Wypowiedzi

Amorim: Nie zamierzam komentować decyzji sędziego

Ruben Amorim stwierdził, że mecz z Bournemouth był bardzo pożyteczny pod kątem rywalizacji w Lidze Europy z Athletic Bilbao. 

– To tylko jeden punkt. Mogliśmy wyciągnąć z tego meczu więcej – przekonywał Amorim – Stworzyliśmy sobie sporo okazji, po raz kolejny, ale musimy podejmować lepsze decyzje pod polem karnym przeciwnika. Znów zadecydowały detale. Prowadzenie piłki, gra jeden na jeden, jakość naszych wrzutek. Nasze rozumienie gry jest na niskim poziomie, musimy je poprawić.

Przełamał się Rasmus Hojlund, to właśnie jego gol dał remis w 96 minucie meczu.

– Dla napastnika najważniejsze jest zdobywanie bramek. Ale na jego grę składa się o wiele więcej elementów. Dzisiejsze trafienie zwiększy jego pewność siebie, ale każdy kolejny mecz to nowa historia – powiedział Amorim.

Zbliża się kluczowy dla tego sezonu półfinał LE, w którym rywalem będzie Athletic Bilbao. Amorim widzi podobieństwa między tym zespołem, a właśnie Bournemouth.

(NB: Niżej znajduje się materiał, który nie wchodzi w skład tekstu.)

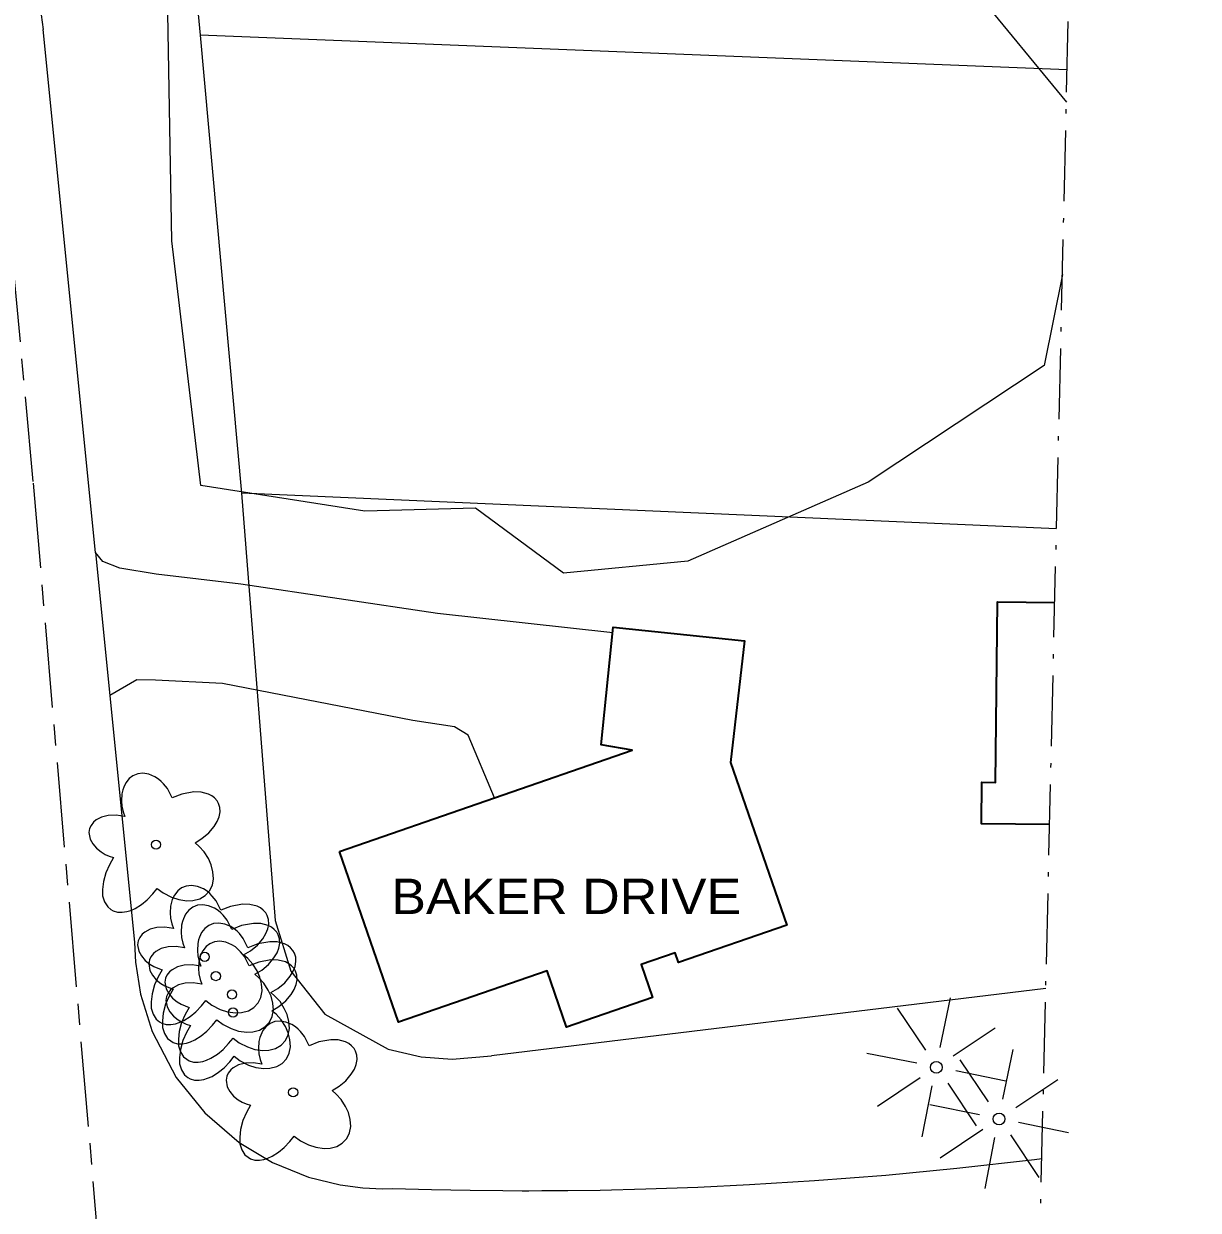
# Model space of a CAD drawing. Extents: x -861682 to -858969, y -1797841 to -1795153.
# Drawn here: x -859173.6 to -858974.4, y -1796344.2 to -1796143 of the extents above; entities that cross this region are included whole.
import ezdxf

# ---------------------------------------------------------------- set-up
doc = ezdxf.new("R2010")
doc.units = 0
doc.header["$LTSCALE"] = 2.4
doc.linetypes.add('DOT_DASHED', pattern=[7.7, 5, -1.2, 0.3, -1.2])
doc.linetypes.add('LONG_DASH_SHORT_DASH', pattern=[9.9, 6, -1.2, 1.5, -1.2])
for name, color, linetype, lineweight in [('10', 7, 'Continuous', 25), ('11', 7, 'Continuous', 13), ('12', 7, 'Continuous', 35), ('17', 7, 'Continuous', 13), ('18', 7, 'Continuous', 13), ('30', 7, 'Continuous', 13), ('32', 7, 'LONG_DASH_SHORT_DASH', 13), ('42', 7, 'Continuous', 25), ('46', 7, 'Continuous', 13), ('61', 7, 'Continuous', 13)]:
    doc.layers.add(name, color=color, linetype=linetype, lineweight=lineweight)

msp = doc.modelspace()

# ---------------------------------------------------------------- linework, layer by layer
at = {"layer": '10'}
for p, q in [((-859161.47, -1796232.698), (-859170.355, -1796144.002)), ((-859161.47, -1796232.698), (-859159.043, -1796256.938)), ((-859159.043, -1796256.938), (-859154.849, -1796298.818))]:
    msp.add_line(p, q, dxfattribs=at)
for points in [[(-859180.121, -1796063.829), (-859178.218, -1796080.987), (-859171.015, -1796139.046), (-859170.355, -1796144.002)], [(-859154.849, -1796298.818), (-859154.675, -1796302.118), (-859153.815, -1796307.556), (-859151.861, -1796313.866), (-859147.776, -1796321.661), (-859142.944, -1796327.66), (-859137.104, -1796332.683), (-859131.441, -1796336.084), (-859125.319, -1796338.563), (-859119.972, -1796339.878), (-859116.105, -1796340.384), (-859112.803, -1796340.532), (-859111.109, -1796340.507)], [(-859111.109, -1796340.507), (-859104.5, -1796340.688), (-859097.889, -1796340.807), (-859092.379, -1796340.859), (-859089.073, -1796340.869), (-859087.971, -1796340.869), (-859085.767, -1796340.864), (-859081.359, -1796340.832), (-859075.85, -1796340.755), (-859068.138, -1796340.573), (-859059.328, -1796340.263), (-859050.522, -1796339.842), (-859039.523, -1796339.161), (-859027.438, -1796338.213), (-859015.372, -1796337.057), (-859002.233, -1796335.559), (-859000.959, -1796335.391)]]:
    msp.add_lwpolyline(points, dxfattribs=at)
at = {"layer": '11'}
for points in [[(-859073.737, -1796246.291), (-859103.483, -1796243.036), (-859136.793, -1796238.058), (-859151.172, -1796236.33), (-859157.333, -1796235.314), (-859160.187, -1796234.203), (-859161.47, -1796232.698)], [(-859093.814, -1796274.266), (-859098.255, -1796263.641), (-859100.565, -1796262.245), (-859107.636, -1796261.142), (-859139.924, -1796254.887), (-859151.276, -1796254.315), (-859154.469, -1796254.239), (-859159.043, -1796256.938)]]:
    msp.add_lwpolyline(points, dxfattribs=at)
at = {"layer": '12'}
msp.add_lwpolyline([(-858999.641, -1796278.809), (-859011.206, -1796278.682), (-859011.128, -1796271.62), (-859008.796, -1796271.646), (-859008.455, -1796241.055), (-858998.765, -1796241.163)], dxfattribs=at)
msp.add_lwpolyline([(-859120.065, -1796283.342), (-859070.464, -1796266.193), (-859075.682, -1796265.265), (-859073.641, -1796245.352), (-859051.384, -1796247.633), (-859053.765, -1796268.256), (-859044.226, -1796295.846), (-859062.594, -1796302.197), (-859063.165, -1796300.545), (-859068.938, -1796302.54), (-859067.011, -1796308.115), (-859081.555, -1796313.142), (-859084.848, -1796303.616), (-859110.046, -1796312.326)], close=True, dxfattribs=at)
at = {"layer": '17'}
for p, q in [((-859018.2, -1796316.6), (-859016.474, -1796308.2)), ((-859020.66, -1796317.06), (-859025.45, -1796309.932)), ((-859016, -1796318), (-859008.904, -1796313.26)), ((-859022.16, -1796319.26), (-859030.622, -1796317.586)), ((-859007.558, -1796325.355), (-859005.832, -1796316.955)), ((-859010.018, -1796325.815), (-859014.808, -1796318.687)), ((-859021.62, -1796321.76), (-859028.846, -1796326.616)), ((-859015.56, -1796320.52), (-859007.08, -1796322.244)), ((-859005.358, -1796326.755), (-858998.262, -1796322.015)), ((-859021.24, -1796331.72), (-859019.56, -1796323.12)), ((-859016.9, -1796322.66), (-859012.1, -1796329.874)), ((-859011.518, -1796328.015), (-859019.98, -1796326.341)), ((-859004.918, -1796329.275), (-858996.438, -1796330.999)), ((-859010.978, -1796330.515), (-859018.204, -1796335.371)), ((-859010.598, -1796340.475), (-859008.918, -1796331.875)), ((-859006.258, -1796331.415), (-859001.458, -1796338.629))]:
    msp.add_line(p, q, dxfattribs=at)
for points in [[(-859151.011, -1796289.617), (-859149.969, -1796290.385), (-859148.563, -1796291.107), (-859147.315, -1796291.513), (-859145.943, -1796291.709), (-859144.925, -1796291.659), (-859143.781, -1796291.369), (-859142.849, -1796290.817), (-859142.109, -1796290.029), (-859141.641, -1796289.071), (-859141.431, -1796287.993), (-859141.535, -1796286.797), (-859141.825, -1796285.625), (-859142.311, -1796284.565), (-859143.033, -1796283.421), (-859143.899, -1796282.501), (-859144.581, -1796281.889), (-859143.399, -1796281.173), (-859142.253, -1796280.225), (-859141.333, -1796279.133), (-859140.811, -1796278.277), (-859140.479, -1796277.463), (-859140.333, -1796276.647), (-859140.373, -1796275.885), (-859140.589, -1796275.205), (-859140.847, -1796274.753), (-859141.267, -1796274.279), (-859141.727, -1796273.925), (-859142.293, -1796273.635), (-859143.529, -1796273.307), (-859144.771, -1796273.273), (-859146.817, -1796273.649), (-859148.477, -1796274.287), (-859149.267, -1796272.709), (-859149.921, -1796271.895), (-859150.333, -1796271.493), (-859150.797, -1796271.093), (-859151.399, -1796270.701), (-859152.403, -1796270.269), (-859153.417, -1796270.099), (-859154.305, -1796270.199), (-859155.105, -1796270.533), (-859155.771, -1796271.019), (-859156.331, -1796271.725), (-859156.681, -1796272.481), (-859156.839, -1796272.919), (-859157.007, -1796273.595), (-859157.059, -1796274.757), (-859156.987, -1796275.655), (-859156.775, -1796276.617), (-859156.491, -1796277.423), (-859157.933, -1796277.191), (-859159.291, -1796277.241), (-859160.449, -1796277.527), (-859161.337, -1796278.025), (-859161.777, -1796278.369), (-859162.211, -1796278.935), (-859162.449, -1796279.469), (-859162.573, -1796280.147), (-859162.371, -1796281.251), (-859161.915, -1796282.063), (-859161.291, -1796282.825), (-859160.513, -1796283.441), (-859159.815, -1796283.865), (-859159.151, -1796284.153), (-859158.423, -1796284.391), (-859159.107, -1796285.603), (-859159.729, -1796286.971), (-859160.125, -1796288.473), (-859160.259, -1796289.807), (-859160.249, -1796290.897), (-859159.915, -1796291.915), (-859159.393, -1796292.761), (-859158.835, -1796293.197), (-859158.449, -1796293.443), (-859157.715, -1796293.667), (-859156.921, -1796293.679), (-859156.151, -1796293.555), (-859155.491, -1796293.343), (-859154.747, -1796293.021), (-859153.671, -1796292.341), (-859152.709, -1796291.555), (-859151.753, -1796290.537), (-859151.007, -1796289.627)], [(-859142.762, -1796308.637), (-859141.72, -1796309.405), (-859140.314, -1796310.127), (-859139.066, -1796310.533), (-859137.694, -1796310.729), (-859136.676, -1796310.679), (-859135.532, -1796310.389), (-859134.6, -1796309.837), (-859133.86, -1796309.049), (-859133.392, -1796308.091), (-859133.182, -1796307.013), (-859133.286, -1796305.817), (-859133.576, -1796304.645), (-859134.062, -1796303.585), (-859134.784, -1796302.441), (-859135.65, -1796301.521), (-859136.332, -1796300.909), (-859135.15, -1796300.193), (-859134.004, -1796299.245), (-859133.084, -1796298.153), (-859132.562, -1796297.297), (-859132.23, -1796296.483), (-859132.084, -1796295.667), (-859132.124, -1796294.905), (-859132.34, -1796294.225), (-859132.598, -1796293.773), (-859133.018, -1796293.299), (-859133.478, -1796292.945), (-859134.044, -1796292.655), (-859135.28, -1796292.327), (-859136.522, -1796292.293), (-859138.568, -1796292.669), (-859140.228, -1796293.307), (-859141.018, -1796291.729), (-859141.672, -1796290.915), (-859142.084, -1796290.513), (-859142.548, -1796290.113), (-859143.15, -1796289.721), (-859144.154, -1796289.289), (-859145.168, -1796289.119), (-859146.056, -1796289.219), (-859146.856, -1796289.553), (-859147.522, -1796290.039), (-859148.082, -1796290.745), (-859148.432, -1796291.501), (-859148.59, -1796291.939), (-859148.758, -1796292.615), (-859148.81, -1796293.777), (-859148.738, -1796294.675), (-859148.526, -1796295.637), (-859148.242, -1796296.443), (-859149.684, -1796296.211), (-859151.042, -1796296.261), (-859152.2, -1796296.547), (-859153.088, -1796297.045), (-859153.528, -1796297.389), (-859153.962, -1796297.955), (-859154.2, -1796298.489), (-859154.324, -1796299.167), (-859154.122, -1796300.271), (-859153.666, -1796301.083), (-859153.042, -1796301.845), (-859152.264, -1796302.461), (-859151.566, -1796302.885), (-859150.902, -1796303.173), (-859150.174, -1796303.411), (-859150.858, -1796304.623), (-859151.48, -1796305.991), (-859151.876, -1796307.493), (-859152.01, -1796308.827), (-859152, -1796309.917), (-859151.666, -1796310.935), (-859151.144, -1796311.781), (-859150.586, -1796312.217), (-859150.2, -1796312.463), (-859149.466, -1796312.687), (-859148.672, -1796312.699), (-859147.902, -1796312.575), (-859147.242, -1796312.363), (-859146.498, -1796312.041), (-859145.422, -1796311.361), (-859144.46, -1796310.575), (-859143.504, -1796309.557), (-859142.758, -1796308.647)], [(-859140.874, -1796311.906), (-859139.832, -1796312.674), (-859138.426, -1796313.396), (-859137.178, -1796313.802), (-859135.806, -1796313.998), (-859134.788, -1796313.948), (-859133.644, -1796313.658), (-859132.712, -1796313.106), (-859131.972, -1796312.318), (-859131.504, -1796311.36), (-859131.294, -1796310.282), (-859131.398, -1796309.086), (-859131.688, -1796307.914), (-859132.174, -1796306.854), (-859132.896, -1796305.71), (-859133.762, -1796304.79), (-859134.444, -1796304.178), (-859133.262, -1796303.462), (-859132.116, -1796302.514), (-859131.196, -1796301.422), (-859130.674, -1796300.566), (-859130.342, -1796299.752), (-859130.196, -1796298.936), (-859130.236, -1796298.174), (-859130.452, -1796297.494), (-859130.71, -1796297.042), (-859131.13, -1796296.568), (-859131.59, -1796296.214), (-859132.156, -1796295.924), (-859133.392, -1796295.596), (-859134.634, -1796295.562), (-859136.68, -1796295.938), (-859138.34, -1796296.576), (-859139.13, -1796294.998), (-859139.784, -1796294.184), (-859140.196, -1796293.782), (-859140.66, -1796293.382), (-859141.262, -1796292.99), (-859142.266, -1796292.558), (-859143.28, -1796292.388), (-859144.168, -1796292.488), (-859144.968, -1796292.822), (-859145.634, -1796293.308), (-859146.194, -1796294.014), (-859146.544, -1796294.77), (-859146.702, -1796295.208), (-859146.87, -1796295.884), (-859146.922, -1796297.046), (-859146.85, -1796297.944), (-859146.638, -1796298.906), (-859146.354, -1796299.712), (-859147.796, -1796299.48), (-859149.154, -1796299.53), (-859150.312, -1796299.816), (-859151.2, -1796300.314), (-859151.64, -1796300.658), (-859152.074, -1796301.224), (-859152.312, -1796301.758), (-859152.436, -1796302.436), (-859152.234, -1796303.54), (-859151.778, -1796304.352), (-859151.154, -1796305.114), (-859150.376, -1796305.73), (-859149.678, -1796306.154), (-859149.014, -1796306.442), (-859148.286, -1796306.68), (-859148.97, -1796307.892), (-859149.592, -1796309.26), (-859149.988, -1796310.762), (-859150.122, -1796312.096), (-859150.112, -1796313.186), (-859149.778, -1796314.204), (-859149.256, -1796315.05), (-859148.698, -1796315.486), (-859148.312, -1796315.732), (-859147.578, -1796315.956), (-859146.784, -1796315.968), (-859146.014, -1796315.844), (-859145.354, -1796315.632), (-859144.61, -1796315.31), (-859143.534, -1796314.63), (-859142.572, -1796313.844), (-859141.616, -1796312.826), (-859140.87, -1796311.916)], [(-859138.134, -1796315.013), (-859137.092, -1796315.781), (-859135.686, -1796316.503), (-859134.438, -1796316.909), (-859133.066, -1796317.105), (-859132.048, -1796317.055), (-859130.904, -1796316.765), (-859129.972, -1796316.213), (-859129.232, -1796315.425), (-859128.764, -1796314.467), (-859128.554, -1796313.389), (-859128.658, -1796312.193), (-859128.948, -1796311.021), (-859129.434, -1796309.961), (-859130.156, -1796308.817), (-859131.022, -1796307.897), (-859131.704, -1796307.285), (-859130.522, -1796306.569), (-859129.376, -1796305.621), (-859128.456, -1796304.529), (-859127.934, -1796303.673), (-859127.602, -1796302.859), (-859127.456, -1796302.043), (-859127.496, -1796301.281), (-859127.712, -1796300.601), (-859127.97, -1796300.149), (-859128.39, -1796299.675), (-859128.85, -1796299.321), (-859129.416, -1796299.031), (-859130.652, -1796298.703), (-859131.894, -1796298.669), (-859133.94, -1796299.045), (-859135.6, -1796299.683), (-859136.39, -1796298.105), (-859137.044, -1796297.291), (-859137.456, -1796296.889), (-859137.92, -1796296.489), (-859138.522, -1796296.097), (-859139.526, -1796295.665), (-859140.54, -1796295.495), (-859141.428, -1796295.595), (-859142.228, -1796295.929), (-859142.894, -1796296.415), (-859143.454, -1796297.121), (-859143.804, -1796297.877), (-859143.962, -1796298.315), (-859144.13, -1796298.991), (-859144.182, -1796300.153), (-859144.11, -1796301.051), (-859143.898, -1796302.013), (-859143.614, -1796302.819), (-859145.056, -1796302.587), (-859146.414, -1796302.637), (-859147.572, -1796302.923), (-859148.46, -1796303.421), (-859148.9, -1796303.765), (-859149.334, -1796304.331), (-859149.572, -1796304.865), (-859149.696, -1796305.543), (-859149.494, -1796306.647), (-859149.038, -1796307.459), (-859148.414, -1796308.221), (-859147.636, -1796308.837), (-859146.938, -1796309.261), (-859146.274, -1796309.549), (-859145.546, -1796309.787), (-859146.23, -1796310.999), (-859146.852, -1796312.367), (-859147.248, -1796313.869), (-859147.382, -1796315.203), (-859147.372, -1796316.293), (-859147.038, -1796317.311), (-859146.516, -1796318.157), (-859145.958, -1796318.593), (-859145.572, -1796318.839), (-859144.838, -1796319.063), (-859144.044, -1796319.075), (-859143.274, -1796318.951), (-859142.614, -1796318.739), (-859141.87, -1796318.417), (-859140.794, -1796317.737), (-859139.832, -1796316.951), (-859138.876, -1796315.933), (-859138.13, -1796315.023)], [(-859137.956, -1796318.08), (-859136.914, -1796318.848), (-859135.508, -1796319.57), (-859134.26, -1796319.976), (-859132.888, -1796320.172), (-859131.87, -1796320.122), (-859130.726, -1796319.832), (-859129.794, -1796319.28), (-859129.054, -1796318.492), (-859128.586, -1796317.534), (-859128.376, -1796316.456), (-859128.48, -1796315.26), (-859128.77, -1796314.088), (-859129.256, -1796313.028), (-859129.978, -1796311.884), (-859130.844, -1796310.964), (-859131.526, -1796310.352), (-859130.344, -1796309.636), (-859129.198, -1796308.688), (-859128.278, -1796307.596), (-859127.756, -1796306.74), (-859127.424, -1796305.926), (-859127.278, -1796305.11), (-859127.318, -1796304.348), (-859127.534, -1796303.668), (-859127.792, -1796303.216), (-859128.212, -1796302.742), (-859128.672, -1796302.388), (-859129.238, -1796302.098), (-859130.474, -1796301.77), (-859131.716, -1796301.736), (-859133.762, -1796302.112), (-859135.422, -1796302.75), (-859136.212, -1796301.172), (-859136.866, -1796300.358), (-859137.278, -1796299.956), (-859137.742, -1796299.556), (-859138.344, -1796299.164), (-859139.348, -1796298.732), (-859140.362, -1796298.562), (-859141.25, -1796298.662), (-859142.05, -1796298.996), (-859142.716, -1796299.482), (-859143.276, -1796300.188), (-859143.626, -1796300.944), (-859143.784, -1796301.382), (-859143.952, -1796302.058), (-859144.004, -1796303.22), (-859143.932, -1796304.118), (-859143.72, -1796305.08), (-859143.436, -1796305.886), (-859144.878, -1796305.654), (-859146.236, -1796305.704), (-859147.394, -1796305.99), (-859148.282, -1796306.488), (-859148.722, -1796306.832), (-859149.156, -1796307.398), (-859149.394, -1796307.932), (-859149.518, -1796308.61), (-859149.316, -1796309.714), (-859148.86, -1796310.526), (-859148.236, -1796311.288), (-859147.458, -1796311.904), (-859146.76, -1796312.328), (-859146.096, -1796312.616), (-859145.368, -1796312.854), (-859146.052, -1796314.066), (-859146.674, -1796315.434), (-859147.07, -1796316.936), (-859147.204, -1796318.27), (-859147.194, -1796319.36), (-859146.86, -1796320.378), (-859146.338, -1796321.224), (-859145.78, -1796321.66), (-859145.394, -1796321.906), (-859144.66, -1796322.13), (-859143.866, -1796322.142), (-859143.096, -1796322.018), (-859142.436, -1796321.806), (-859141.692, -1796321.484), (-859140.616, -1796320.804), (-859139.654, -1796320.018), (-859138.698, -1796319), (-859137.952, -1796318.09)], [(-859127.76, -1796331.623), (-859126.718, -1796332.391), (-859125.312, -1796333.113), (-859124.064, -1796333.519), (-859122.692, -1796333.715), (-859121.674, -1796333.665), (-859120.53, -1796333.375), (-859119.598, -1796332.823), (-859118.858, -1796332.035), (-859118.39, -1796331.077), (-859118.18, -1796329.999), (-859118.284, -1796328.803), (-859118.574, -1796327.631), (-859119.06, -1796326.571), (-859119.782, -1796325.427), (-859120.648, -1796324.507), (-859121.33, -1796323.895), (-859120.148, -1796323.179), (-859119.002, -1796322.231), (-859118.082, -1796321.139), (-859117.56, -1796320.283), (-859117.228, -1796319.469), (-859117.082, -1796318.653), (-859117.122, -1796317.891), (-859117.338, -1796317.211), (-859117.596, -1796316.759), (-859118.016, -1796316.285), (-859118.476, -1796315.931), (-859119.042, -1796315.641), (-859120.278, -1796315.313), (-859121.52, -1796315.279), (-859123.566, -1796315.655), (-859125.226, -1796316.293), (-859126.016, -1796314.715), (-859126.67, -1796313.901), (-859127.082, -1796313.499), (-859127.546, -1796313.099), (-859128.148, -1796312.707), (-859129.152, -1796312.275), (-859130.166, -1796312.105), (-859131.054, -1796312.205), (-859131.854, -1796312.539), (-859132.52, -1796313.025), (-859133.08, -1796313.731), (-859133.43, -1796314.487), (-859133.588, -1796314.925), (-859133.756, -1796315.601), (-859133.808, -1796316.763), (-859133.736, -1796317.661), (-859133.524, -1796318.623), (-859133.24, -1796319.429), (-859134.682, -1796319.197), (-859136.04, -1796319.247), (-859137.198, -1796319.533), (-859138.086, -1796320.031), (-859138.526, -1796320.375), (-859138.96, -1796320.941), (-859139.198, -1796321.475), (-859139.322, -1796322.153), (-859139.12, -1796323.257), (-859138.664, -1796324.069), (-859138.04, -1796324.831), (-859137.262, -1796325.447), (-859136.564, -1796325.871), (-859135.9, -1796326.159), (-859135.172, -1796326.397), (-859135.856, -1796327.609), (-859136.478, -1796328.977), (-859136.874, -1796330.479), (-859137.008, -1796331.813), (-859136.998, -1796332.903), (-859136.664, -1796333.921), (-859136.142, -1796334.767), (-859135.584, -1796335.203), (-859135.198, -1796335.449), (-859134.464, -1796335.673), (-859133.67, -1796335.685), (-859132.9, -1796335.561), (-859132.24, -1796335.349), (-859131.496, -1796335.027), (-859130.42, -1796334.347), (-859129.458, -1796333.561), (-859128.502, -1796332.543), (-859127.756, -1796331.633)]]:
    msp.add_lwpolyline(points, dxfattribs=at)
for centre, radius in [((-859151.191, -1796282.205), 0.773), ((-859142.942, -1796301.225), 0.773), ((-859141.054, -1796304.494), 0.773), ((-859138.314, -1796307.601), 0.773), ((-859138.136, -1796310.668), 0.773), ((-859018.86, -1796319.96), 1), ((-859127.94, -1796324.211), 0.773), ((-859008.218, -1796328.715), 1)]:
    msp.add_circle(centre, radius, dxfattribs=at)
at = {"layer": '18'}
msp.add_line((-858997.47, -1796185.563), (-859000.584, -1796200.948), dxfattribs=at)
msp.add_lwpolyline([(-859000.584, -1796200.948), (-859030.413, -1796220.763), (-859061.004, -1796234.175), (-859082.06, -1796236.181), (-859097.001, -1796225.145), (-859115.759, -1796225.664), (-859143.622, -1796221.311), (-859148.513, -1796179.853), (-859149.493, -1796125.159), (-859163.095, -1796083.032), (-859153.599, -1796072.325), (-859106.129, -1796073.572), (-859073.857, -1796095.639), (-859070.132, -1796112.997), (-859043.544, -1796120.651), (-859012.341, -1796137.386), (-858996.789, -1796156.325)], dxfattribs=at)
at = {"layer": '30'}
for p, q in [((-858996.661, -1796150.826), (-859143.732, -1796144.99)), ((-858998.474, -1796228.675), (-859136.702, -1796222.627))]:
    msp.add_line(p, q, dxfattribs=at)
at = {"layer": '32'}
msp.add_lwpolyline([(-859608.727, -1795645.905), (-859547.475, -1795663.972), (-859512.218, -1795672.548), (-859448.852, -1795685.888), (-859390.25, -1795702.087), (-859346.418, -1795718.286), (-859312.114, -1795735.914), (-859284.005, -1795754.971), (-859271.617, -1795770.217), (-859251.13, -1795810.238), (-859242.554, -1795833.584), (-859228.738, -1795871.699), (-859218.732, -1795901.238), (-859209.68, -1795935.065), (-859202.057, -1795970.321), (-859196.34, -1796004.625), (-859192.528, -1796042.264), (-859177.759, -1796158.991), (-859172.04, -1796220.929), (-859156.019, -1796407.84)], dxfattribs=at)
at = {"layer": '42'}
msp.add_line((-859000.289, -1796306.601), (-859094.272, -1796318.009), dxfattribs=at)
for points in [[(-859152.648, -1796051.454), (-859143.732, -1796144.99), (-859136.702, -1796222.627), (-859130.98, -1796295.086)], [(-859130.98, -1796295.086), (-859128.35, -1796303.674), (-859122.57, -1796310.918), (-859111.827, -1796316.9), (-859106.21, -1796318.205), (-859100.962, -1796318.596), (-859094.272, -1796318.009)]]:
    msp.add_lwpolyline(points, dxfattribs=at)
at = {"layer": '61', "linetype": 'DOT_DASHED'}
msp.add_line((-859035.9, -1797835.881), (-858974.429, -1795196.105), dxfattribs=at)

# ---------------------------------------------------------------- texts
at = {"layer": '46', "width": 1.1}
msp.add_text('BAKER DRIVE', height=6, dxfattribs=at).set_placement((-859111.3, -1796293.978))

doc.saveas('drawing.dxf')

– To było bardzo pożyteczne spotkanie pod kątem rywalizacji z Bilbao, bo Bournemouth broni bardzo podobnie do nich. Próbują bardzo bezpośrednich rozwiązań, szybko organizują ataki. Ale i tak, czeka nas zupełnie inny mecz. 

Punktem zwrotnym meczu na Vitality Stadium była czerwona kartka dla napastnika gospodarzy, Evanilsona. Amorim jednak nie zamierzał w ogóle wypowiadać się na ten temat.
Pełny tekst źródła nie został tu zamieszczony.